--- Data listing ---
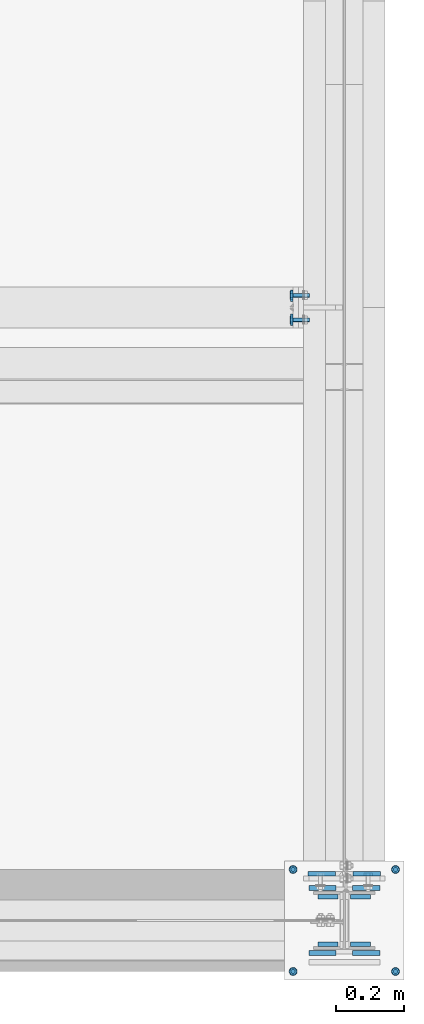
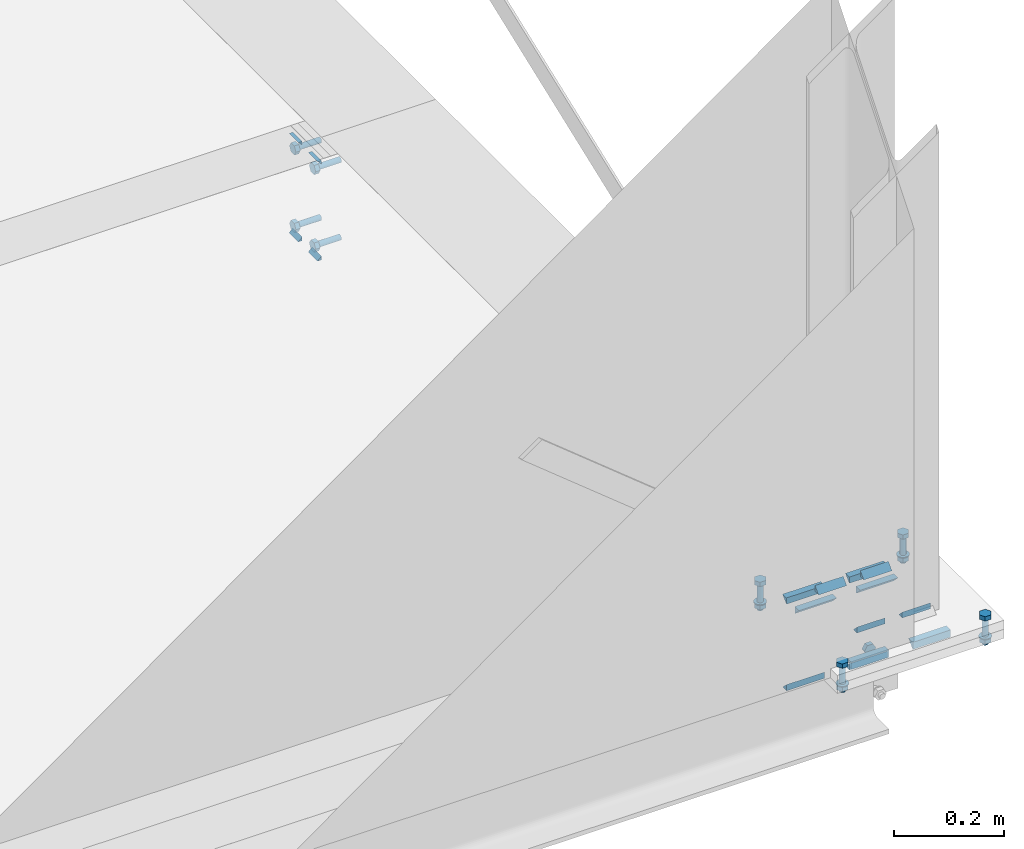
# One storey, part 55 of 66: 28 fasteners, 25 mechanical fasteners.
"""IFC4 building model written with IfcOpenShell, lengths in metres."""

from ifc_helpers import new_model, si_unit, frame, origin_with_axes, place, context, project, spatial, polyline, outline, extrude, type_object, element, save


model = new_model("IFC4")

# Units and contexts
model_context = context("Model", 3, precision=1e-05, world=origin_with_axes())
ifc_project = project(units=[si_unit("LENGTHUNIT", "METRE"), si_unit("AREAUNIT", "SQUARE_METRE"), si_unit("VOLUMEUNIT", "CUBIC_METRE"), si_unit("MASSUNIT", "GRAM", prefix="KILO"), si_unit("TIMEUNIT", "SECOND"), si_unit("PLANEANGLEUNIT", "RADIAN"), si_unit("SOLIDANGLEUNIT", "STERADIAN"), si_unit("THERMODYNAMICTEMPERATUREUNIT", "DEGREE_CELSIUS")], contexts=[model_context])

# Site, building, storey
placement_1 = place(None, origin_with_axes())
site = spatial("IfcSite", under=ifc_project, at=placement_1, Name="Italia", CompositionType="ELEMENT")
building = spatial("IfcBuilding", under=site, at=placement_1, Name="Uffici", CompositionType="ELEMENT")
storey_placement = place(None, frame((0.0, 0.0, 3.299999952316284), z_axis=(0.0, 0.0, 1.0), x_axis=(1.0, 0.0, 0.0)))
storey = spatial("IfcBuildingStorey", under=building, at=storey_placement, Name="Storey 1", CompositionType="ELEMENT", Elevation=3.299999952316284)

# Fasteners
fastener_type_1 = type_object("IfcFastenerType", Name="Collegamenti -005_-004 -015_-014 0115_0114", PredefinedType="WELD")
placement_2 = place(placement_1, origin_with_axes())
fastener_1_placement = place(placement_2, origin_with_axes())
element("IfcFastener", 1, at=fastener_1_placement, inside=storey, type_object=fastener_type_1, Name="Collegamenti -005_-004 -015_-014 0115_0114", context=model_context, shape_type="SweptSolid", body=[
    extrude(outline(polyline([(0.0, 0.0), (-0.00817299, 0.00792813), (0.0, 0.00792813), (0.0, 0.0)])), frame((13.8201, 1.77862, 3.28232), z_axis=(0.0, -1.0, 0.0), x_axis=(1.0, 0.0, 0.0)), (0.0, 0.0, 1.0), 0.0339999),
])
fastener_type_2 = type_object("IfcFastenerType", Name="Collegamenti -005_-004 -015_-014 0115_0114", PredefinedType="WELD")
fastener_2_placement = place(placement_2, origin_with_axes())
element("IfcFastener", 2, at=fastener_2_placement, inside=storey, type_object=fastener_type_2, Name="Collegamenti -005_-004 -015_-014 0115_0114", context=model_context, shape_type="SweptSolid", body=[
    extrude(outline(polyline([(0.0, 0.0), (0.00817299, -0.00792813), (0.0, -0.00792813), (0.0, 0.0)])), frame((13.8201, 1.74462, 3.07768), z_axis=(0.0, 1.0, 0.0), x_axis=(-1.0, 0.0, 0.0)), (0.0, 0.0, 1.0), 0.0339999),
])
fastener_type_3 = type_object("IfcFastenerType", Name="Collegamenti -005_-004 -015_-014 0115_0114", PredefinedType="WELD")
fastener_3_placement = place(placement_2, origin_with_axes())
element("IfcFastener", 3, at=fastener_3_placement, inside=storey, type_object=fastener_type_3, Name="Collegamenti -005_-004 -015_-014 0115_0114", context=model_context, shape_type="SweptSolid", body=[
    extrude(outline(polyline([(0.0, 0.0), (0.00817299, -0.00792813), (0.0, -0.00792813), (0.0, 0.0)])), frame((13.8201, 1.81472, 3.07768), z_axis=(0.0, 1.0, 0.0), x_axis=(-1.0, 0.0, 0.0)), (0.0, 0.0, 1.0), 0.0339999),
])
fastener_type_4 = type_object("IfcFastenerType", Name="Collegamenti -005_-004 -015_-014 0115_0114", PredefinedType="WELD")
fastener_4_placement = place(placement_2, origin_with_axes())
element("IfcFastener", 4, at=fastener_4_placement, inside=storey, type_object=fastener_type_4, Name="Collegamenti -005_-004 -015_-014 0115_0114", context=model_context, shape_type="SweptSolid", body=[
    extrude(outline(polyline([(0.0, 0.0), (-0.00817299, 0.00792813), (0.0, 0.00792813), (0.0, 0.0)])), frame((13.8201, 1.84872, 3.28232), z_axis=(0.0, -1.0, 0.0), x_axis=(1.0, 0.0, 0.0)), (0.0, 0.0, 1.0), 0.0339999),
])
fastener_type_5 = type_object("IfcFastenerType", Name="Collegamenti -005_-004 -015_-014 0115_0114", PredefinedType="WELD")
fastener_5_placement = place(placement_2, origin_with_axes())
element("IfcFastener", 5, at=fastener_5_placement, inside=storey, type_object=fastener_type_5, Name="Collegamenti -005_-004 -015_-014 0115_0114", context=model_context, shape_type="SweptSolid", body=[
    extrude(outline(polyline([(0.0, 0.0), (-0.00817299, 0.00792813), (0.0, 0.00792813), (0.0, 0.0)])), frame((13.8201, 1.77862, 3.28232), z_axis=(0.0, -1.0, 0.0), x_axis=(1.0, 0.0, 0.0)), (0.0, 0.0, 1.0), 0.0339999),
])
fastener_type_6 = type_object("IfcFastenerType", Name="Collegamenti -005_-004 -015_-014 0115_0114", PredefinedType="WELD")
fastener_6_placement = place(placement_2, origin_with_axes())
element("IfcFastener", 6, at=fastener_6_placement, inside=storey, type_object=fastener_type_6, Name="Collegamenti -005_-004 -015_-014 0115_0114", context=model_context, shape_type="SweptSolid", body=[
    extrude(outline(polyline([(0.0, 0.0), (0.00817299, -0.00792813), (0.0, -0.00792813), (0.0, 0.0)])), frame((13.8201, 1.74462, 3.07768), z_axis=(0.0, 1.0, 0.0), x_axis=(-1.0, 0.0, 0.0)), (0.0, 0.0, 1.0), 0.0339999),
])
fastener_type_7 = type_object("IfcFastenerType", Name="Collegamenti -005_-004 -015_-014 0115_0114", PredefinedType="WELD")
fastener_7_placement = place(placement_2, origin_with_axes())
element("IfcFastener", 7, at=fastener_7_placement, inside=storey, type_object=fastener_type_7, Name="Collegamenti -005_-004 -015_-014 0115_0114", context=model_context, shape_type="SweptSolid", body=[
    extrude(outline(polyline([(0.0, 0.0), (0.00817299, -0.00792813), (0.0, -0.00792813), (0.0, 0.0)])), frame((13.8201, 1.81472, 3.07768), z_axis=(0.0, 1.0, 0.0), x_axis=(-1.0, 0.0, 0.0)), (0.0, 0.0, 1.0), 0.0339999),
])
fastener_type_8 = type_object("IfcFastenerType", Name="Collegamenti -005_-004 -015_-014 0115_0114", PredefinedType="WELD")
fastener_8_placement = place(placement_2, origin_with_axes())
element("IfcFastener", 8, at=fastener_8_placement, inside=storey, type_object=fastener_type_8, Name="Collegamenti -005_-004 -015_-014 0115_0114", context=model_context, shape_type="SweptSolid", body=[
    extrude(outline(polyline([(0.0, 0.0), (-0.00817299, 0.00792813), (0.0, 0.00792813), (0.0, 0.0)])), frame((13.8201, 1.84872, 3.28232), z_axis=(0.0, -1.0, 0.0), x_axis=(1.0, 0.0, 0.0)), (0.0, 0.0, 1.0), 0.0339999),
])

# Mechanical fasteners
mechanical_fastener_type_1 = type_object("IfcMechanicalFastenerType", Name="Collegamenti -005_-004 -015_-014 0115_0114", PredefinedType="BOLT")
mechanical_fastener_1_placement = place(placement_2, origin_with_axes())
element("IfcMechanicalFastener", 9, at=mechanical_fastener_1_placement, inside=storey, type_object=mechanical_fastener_type_1, Name="Collegamenti -005_-004 -015_-014 0115_0114", NominalDiameter=0.0119999, context=model_context, shape_type="SweptSolid", body=[
    extrude(outline(polyline([(0.0, 0.0), (-0.0120001, 0.0), (-0.018, 0.0103924), (-0.0120001, 0.0207846), (0.0, 0.0207846), (0.00599992, 0.0103924), (0.0, 0.0)])), frame((13.82, 1.82667, 3.08361), z_axis=(-1.0, 0.0, 0.0), x_axis=(0.0, -1.0, 0.0)), (0.0, 0.0, 1.0), 0.00960064),
])
mechanical_fastener_type_2 = type_object("IfcMechanicalFastenerType", Name="Collegamenti -005_-004 -015_-014 0115_0114", PredefinedType="BOLT")
mechanical_fastener_2_placement = place(placement_2, origin_with_axes())
element("IfcMechanicalFastener", 10, at=mechanical_fastener_2_placement, inside=storey, type_object=mechanical_fastener_type_2, Name="Collegamenti -005_-004 -015_-014 0115_0114", NominalDiameter=0.012, context=model_context, shape_type="SweptSolid", body=[
    extrude(outline(polyline([(0.0, 0.0), (-0.000204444, -0.00155282), (-0.000803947, -0.00300002), (-0.00175738, -0.00424266), (-0.00300002, -0.00519609), (-0.0044471, -0.00579548), (-0.00600004, -0.00600004), (-0.00755298, -0.00579548), (-0.00900006, -0.00519609), (-0.0102427, -0.00424266), (-0.0111961, -0.00300002), (-0.0117956, -0.00155282), (-0.0120001, 0.0), (-0.0117956, 0.00155282), (-0.0111961, 0.00300002), (-0.0102427, 0.00424266), (-0.00900006, 0.00519609), (-0.00755298, 0.00579548), (-0.00600004, 0.00600004), (-0.0044471, 0.00579548), (-0.00300002, 0.00519609), (-0.00175738, 0.00424266), (-0.000803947, 0.00300002), (-0.000204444, 0.00155282), (0.0, 0.0)])), frame((13.868, 1.82667, 3.094), z_axis=(-1.0, 0.0, 0.0), x_axis=(0.0, -1.0, 0.0)), (0.0, 0.0, 1.0), 0.0479994),
])
mechanical_fastener_type_3 = type_object("IfcMechanicalFastenerType", Name="Collegamenti -005_-004 -015_-014 0115_0114", PredefinedType="BOLT")
mechanical_fastener_3_placement = place(placement_2, origin_with_axes())
element("IfcMechanicalFastener", 11, at=mechanical_fastener_3_placement, inside=storey, type_object=mechanical_fastener_type_3, Name="Collegamenti -005_-004 -015_-014 0115_0114", NominalDiameter=0.0119999, context=model_context, shape_type="SweptSolid", body=[
    extrude(outline(polyline([(0.0, 0.0), (-0.0120001, 0.0), (-0.018, 0.0103924), (-0.0120001, 0.0207846), (0.0, 0.0207846), (0.00599992, 0.0103924), (0.0, 0.0)])), frame((13.82, 1.75467, 3.08361), z_axis=(-1.0, 0.0, 0.0), x_axis=(0.0, -1.0, 0.0)), (0.0, 0.0, 1.0), 0.00960064),
])
mechanical_fastener_type_4 = type_object("IfcMechanicalFastenerType", Name="Collegamenti -005_-004 -015_-014 0115_0114", PredefinedType="BOLT")
mechanical_fastener_4_placement = place(placement_2, origin_with_axes())
element("IfcMechanicalFastener", 12, at=mechanical_fastener_4_placement, inside=storey, type_object=mechanical_fastener_type_4, Name="Collegamenti -005_-004 -015_-014 0115_0114", NominalDiameter=0.012, context=model_context, shape_type="SweptSolid", body=[
    extrude(outline(polyline([(0.0, 0.0), (-0.000204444, -0.00155282), (-0.000803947, -0.00300002), (-0.00175738, -0.00424266), (-0.00300002, -0.00519609), (-0.0044471, -0.00579548), (-0.00600004, -0.00600004), (-0.00755298, -0.00579548), (-0.00900006, -0.00519609), (-0.0102427, -0.00424266), (-0.0111961, -0.00300002), (-0.0117956, -0.00155282), (-0.0120001, 0.0), (-0.0117956, 0.00155282), (-0.0111961, 0.00300002), (-0.0102427, 0.00424266), (-0.00900006, 0.00519609), (-0.00755298, 0.00579548), (-0.00600004, 0.00600004), (-0.0044471, 0.00579548), (-0.00300002, 0.00519609), (-0.00175738, 0.00424266), (-0.000803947, 0.00300002), (-0.000204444, 0.00155282), (0.0, 0.0)])), frame((13.868, 1.75467, 3.094), z_axis=(-1.0, 0.0, 0.0), x_axis=(0.0, -1.0, 0.0)), (0.0, 0.0, 1.0), 0.0479994),
])
mechanical_fastener_type_5 = type_object("IfcMechanicalFastenerType", Name="Collegamenti -005_-004 -015_-014 0115_0114", PredefinedType="BOLT")
mechanical_fastener_5_placement = place(placement_2, origin_with_axes())
element("IfcMechanicalFastener", 13, at=mechanical_fastener_5_placement, inside=storey, type_object=mechanical_fastener_type_5, Name="Collegamenti -005_-004 -015_-014 0115_0114", NominalDiameter=0.0119999, context=model_context, shape_type="SweptSolid", body=[
    extrude(outline(polyline([(0.0, 0.0), (-0.0120001, 0.0), (-0.018, 0.0103922), (-0.0120001, 0.0207846), (0.0, 0.0207846), (0.00599992, 0.0103922), (0.0, 0.0)])), frame((13.82, 1.82667, 3.25561), z_axis=(-1.0, 0.0, 0.0), x_axis=(0.0, -1.0, 0.0)), (0.0, 0.0, 1.0), 0.00960064),
])
mechanical_fastener_type_6 = type_object("IfcMechanicalFastenerType", Name="Collegamenti -005_-004 -015_-014 0115_0114", PredefinedType="BOLT")
mechanical_fastener_6_placement = place(placement_2, origin_with_axes())
element("IfcMechanicalFastener", 14, at=mechanical_fastener_6_placement, inside=storey, type_object=mechanical_fastener_type_6, Name="Collegamenti -005_-004 -015_-014 0115_0114", NominalDiameter=0.012, context=model_context, shape_type="SweptSolid", body=[
    extrude(outline(polyline([(0.0, 0.0), (-0.000204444, -0.00155282), (-0.000803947, -0.00300002), (-0.00175738, -0.00424266), (-0.00300002, -0.00519609), (-0.0044471, -0.00579548), (-0.00600004, -0.00600004), (-0.00755298, -0.00579548), (-0.00900006, -0.00519609), (-0.0102427, -0.00424266), (-0.0111961, -0.00300002), (-0.0117956, -0.00155282), (-0.0120001, 0.0), (-0.0117956, 0.00155282), (-0.0111961, 0.00300002), (-0.0102427, 0.00424266), (-0.00900006, 0.00519609), (-0.00755298, 0.00579548), (-0.00600004, 0.00600004), (-0.0044471, 0.00579548), (-0.00300002, 0.00519609), (-0.00175738, 0.00424266), (-0.000803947, 0.00300002), (-0.000204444, 0.00155282), (0.0, 0.0)])), frame((13.868, 1.82667, 3.266), z_axis=(-1.0, 0.0, 0.0), x_axis=(0.0, -1.0, 0.0)), (0.0, 0.0, 1.0), 0.0479994),
])
mechanical_fastener_type_7 = type_object("IfcMechanicalFastenerType", Name="Collegamenti -005_-004 -015_-014 0115_0114", PredefinedType="BOLT")
mechanical_fastener_7_placement = place(placement_2, origin_with_axes())
element("IfcMechanicalFastener", 15, at=mechanical_fastener_7_placement, inside=storey, type_object=mechanical_fastener_type_7, Name="Collegamenti -005_-004 -015_-014 0115_0114", NominalDiameter=0.0119999, context=model_context, shape_type="SweptSolid", body=[
    extrude(outline(polyline([(0.0, 0.0), (-0.0120001, 0.0), (-0.018, 0.0103922), (-0.0120001, 0.0207846), (0.0, 0.0207846), (0.00599992, 0.0103922), (0.0, 0.0)])), frame((13.82, 1.75467, 3.25561), z_axis=(-1.0, 0.0, 0.0), x_axis=(0.0, -1.0, 0.0)), (0.0, 0.0, 1.0), 0.00960064),
])
mechanical_fastener_type_8 = type_object("IfcMechanicalFastenerType", Name="Collegamenti -005_-004 -015_-014 0115_0114", PredefinedType="BOLT")
mechanical_fastener_8_placement = place(placement_2, origin_with_axes())
element("IfcMechanicalFastener", 16, at=mechanical_fastener_8_placement, inside=storey, type_object=mechanical_fastener_type_8, Name="Collegamenti -005_-004 -015_-014 0115_0114", NominalDiameter=0.012, context=model_context, shape_type="SweptSolid", body=[
    extrude(outline(polyline([(0.0, 0.0), (-0.000204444, -0.00155282), (-0.000803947, -0.00300002), (-0.00175738, -0.00424266), (-0.00300002, -0.00519609), (-0.0044471, -0.00579548), (-0.00600004, -0.00600004), (-0.00755298, -0.00579548), (-0.00900006, -0.00519609), (-0.0102427, -0.00424266), (-0.0111961, -0.00300002), (-0.0117956, -0.00155282), (-0.0120001, 0.0), (-0.0117956, 0.00155282), (-0.0111961, 0.00300002), (-0.0102427, 0.00424266), (-0.00900006, 0.00519609), (-0.00755298, 0.00579548), (-0.00600004, 0.00600004), (-0.0044471, 0.00579548), (-0.00300002, 0.00519609), (-0.00175738, 0.00424266), (-0.000803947, 0.00300002), (-0.000204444, 0.00155282), (0.0, 0.0)])), frame((13.868, 1.75467, 3.266), z_axis=(-1.0, 0.0, 0.0), x_axis=(0.0, -1.0, 0.0)), (0.0, 0.0, 1.0), 0.0479994),
])

# Fasteners
fastener_type_9 = type_object("IfcFastenerType", Name="Collegamenti 0101_0201 0102_0202 0103_0203 0104_0204 0105_0205", PredefinedType="WELD")
fastener_9_placement = place(placement_2, origin_with_axes())
element("IfcFastener", 17, at=fastener_9_placement, inside=storey, type_object=fastener_type_9, Name="Collegamenti 0101_0201 0102_0202 0103_0203 0104_0204 0105_0205", context=model_context, shape_type="SweptSolid", body=[
    extrude(outline(polyline([(0.0, 0.0), (0.0127782, 0.0131733), (0.0127782, 0.0), (0.0, 0.0)])), frame((13.988, 0.0632718, 3.31995), z_axis=(1.0, 0.0, 0.0), x_axis=(0.0, 1.0, 0.0)), (0.0, 0.0, 1.0), 0.0591002),
])
fastener_type_10 = type_object("IfcFastenerType", Name="Collegamenti 0101_0201 0102_0202 0103_0203 0104_0204 0105_0205", PredefinedType="WELD")
fastener_10_placement = place(placement_2, origin_with_axes())
element("IfcFastener", 18, at=fastener_10_placement, inside=storey, type_object=fastener_type_10, Name="Collegamenti 0101_0201 0102_0202 0103_0203 0104_0204 0105_0205", context=model_context, shape_type="SweptSolid", body=[
    extrude(outline(polyline([(0.0, 0.0), (0.0127782, 0.0131733), (0.0127782, 0.0), (0.0, 0.0)])), frame((14.0471, -0.0632718, 3.31995), z_axis=(-1.0, 0.0, 0.0), x_axis=(0.0, -1.0, 0.0)), (0.0, 0.0, 1.0), 0.0591002),
])
fastener_type_11 = type_object("IfcFastenerType", Name="Collegamenti 0101_0201 0102_0202 0103_0203 0104_0204 0105_0205", PredefinedType="WELD")
fastener_11_placement = place(placement_2, origin_with_axes())
element("IfcFastener", 19, at=fastener_11_placement, inside=storey, type_object=fastener_type_11, Name="Collegamenti 0101_0201 0102_0202 0103_0203 0104_0204 0105_0205", context=model_context, shape_type="SweptSolid", body=[
    extrude(outline(polyline([(0.0, 0.0), (0.0127782, 0.0131733), (0.0127782, 0.0), (0.0, 0.0)])), frame((13.9521, -0.0632718, 3.31995), z_axis=(-1.0, 0.0, 0.0), x_axis=(0.0, -1.0, 0.0)), (0.0, 0.0, 1.0), 0.0591002),
])
fastener_type_12 = type_object("IfcFastenerType", Name="Collegamenti 0101_0201 0102_0202 0103_0203 0104_0204 0105_0205", PredefinedType="WELD")
fastener_12_placement = place(placement_2, origin_with_axes())
element("IfcFastener", 20, at=fastener_12_placement, inside=storey, type_object=fastener_type_12, Name="Collegamenti 0101_0201 0102_0202 0103_0203 0104_0204 0105_0205", context=model_context, shape_type="SweptSolid", body=[
    extrude(outline(polyline([(0.0, 0.0), (0.0127782, 0.0131733), (0.0127782, 0.0), (0.0, 0.0)])), frame((13.893, 0.0632718, 3.31995), z_axis=(1.0, 0.0, 0.0), x_axis=(0.0, 1.0, 0.0)), (0.0, 0.0, 1.0), 0.0591002),
])
fastener_type_13 = type_object("IfcFastenerType", Name="Collegamenti 0101_0201 0102_0202 0103_0203 0104_0204 0105_0205", PredefinedType="WELD")
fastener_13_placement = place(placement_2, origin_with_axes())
---
# What you need to do
Every line in the records that holds the word "building" should be copied into the answer.

# Your solution
"""IFC4 building model written with IfcOpenShell, lengths in metres."""
# Site, building, storey
building = spatial("IfcBuilding", under=site, at=placement_1, Name="Uffici", CompositionType="ELEMENT")
storey = spatial("IfcBuildingStorey", under=building, at=storey_placement, Name="Storey 1", CompositionType="ELEMENT", Elevation=3.299999952316284)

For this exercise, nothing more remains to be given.